METHODS: DEFINE (ClinicalTrials.gov: NCT04442737) is a randomized (1:1), prospective, 48-week, active-controlled, open-label, multicenter phase 4 study evaluating switching to darunavir/cobicistat/emtricitabine/tenofovir alafenamide (D/C/F/TAF) versus continuing INI+TAF/emtricitabine (FTC) in virologically-suppressed HIV-1-infected adults who had =10% weight gain while on the INI-based regimen. The primary objective was to assess percent change in body weight from baseline to Week 24 in both arms. Data through Week 24 are reported.

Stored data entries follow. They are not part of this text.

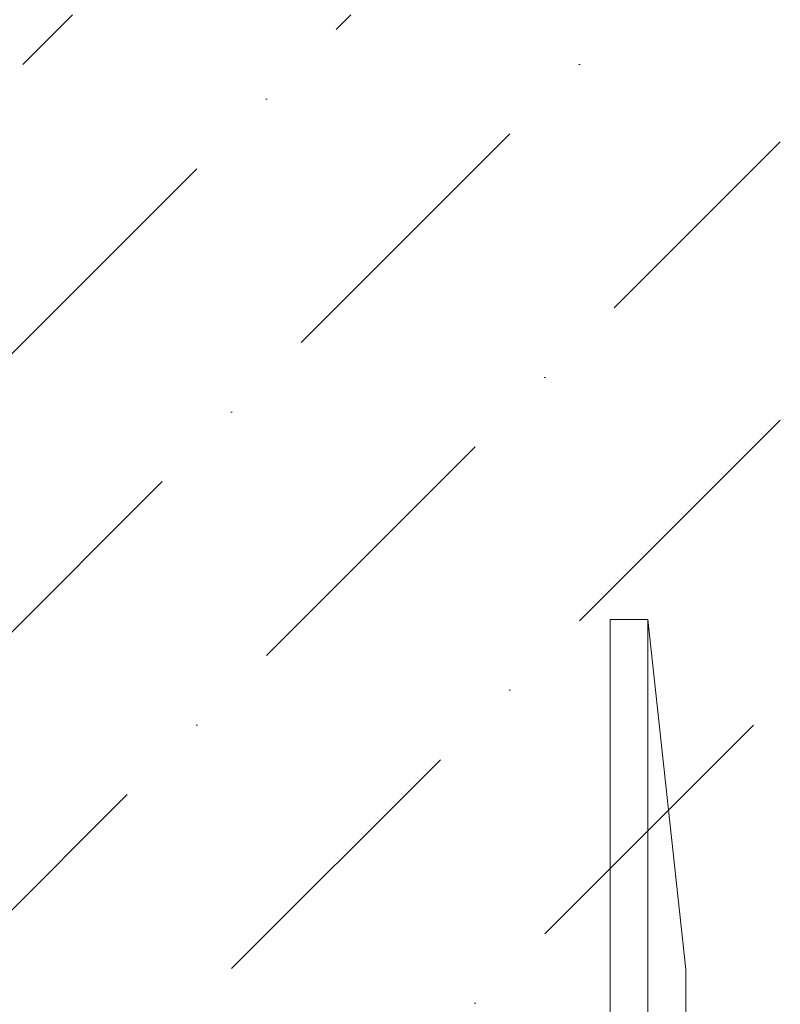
# Model space of a CAD drawing. Header units: millimetres. Extents: x -2932 to 42042, y -9257 to 17298.
# Tile 106 of 162: x 27828 to 28330, y 5331 to 5982. Entities that reach past the tile are written whole.
import ezdxf

# ---------------------------------------------------------------- set-up
doc = ezdxf.new("R2010")
doc.units = ezdxf.units.MM
doc.header["$MEASUREMENT"] = 0
doc.layers.add('0_Pen_No__2', color=8, linetype='Continuous', lineweight=15)
doc.layers.add('SA_SISEVIIMISTLUS_Pen_No__102', color=7, linetype='Continuous', lineweight=13, true_color=0xcccccc)

msp = doc.modelspace()

# ---------------------------------------------------------------- hatches: boundary and pattern name
at = {"layer": 'SA_SISEVIIMISTLUS_Pen_No__102', "linetype": 'Continuous', "lineweight": 13, "true_color": 0xcccccc}
h = msp.add_hatch(dxfattribs=at)
h.set_pattern_fill('Dot___Dashed_0001', color=254, style=0, pattern_type=2)
h.set_pattern_definition([(45, (0, 0), (-183.8478, 183.8478), [195, -65, 0, -65]), (45, (22.98, 206.83), (-183.8478, 183.8478), [195, -65, 0, -65])])
h.paths.add_polyline_path([(22070, 5985), (22070, 4478.5), (22670, 4478.5), (22670, 4360), (19588, 4360), (19588, 3460), (28330.46, 3460), (28330.46, 5985), (25770, 5985), (25760, 6385), (24770, 6377.51), (24770, 5985)])

# ---------------------------------------------------------------- linework, layer by layer
at = {"layer": '0_Pen_No__2', "color": 8, "linetype": 'Continuous', "lineweight": 15}
for p, q in [((28217.96, 5585.39), (28217.96, 4659.86)), ((28242.96, 5585.39), (28217.96, 5585.39)), ((28267.96, 5354.01), (28242.96, 5585.39)), ((28242.96, 5585.39), (28242.96, 4659.86)), ((28267.96, 4891.24), (28267.96, 5354.01))]:
    msp.add_line(p, q, dxfattribs=at)

doc.saveas('drawing.dxf')

RESULTS: Overall, 103 adults were randomized to D/C/F/TAF (n=53) or continued INI+TAF/FTC (n=50); 30% were female and 61% were Black/African American (Table). At Week 24, there was no significant difference in percent change in body weight from baseline between the D/C/F/TAF and INI+TAF/FTC arms (Figure 1A). Most participants in each arm had body weight changes of =±3% and remained within baseline body mass index and waist circumference categories. Percent body weight changes for key subgroups are shown in Figure 1B. Switching to D/C/F/TAF was safe and well tolerated, and efficacy was maintained.



CONCLUSIONS: There was no significant difference in weight change through 24 weeks after switching from an INI-based regimen to D/C/F/TAF in adults with INI-related weight gain. Additional analyses are ongoing, including follow up through Week 48 and evaluation of changes in biomarkers and body composition (DEXA).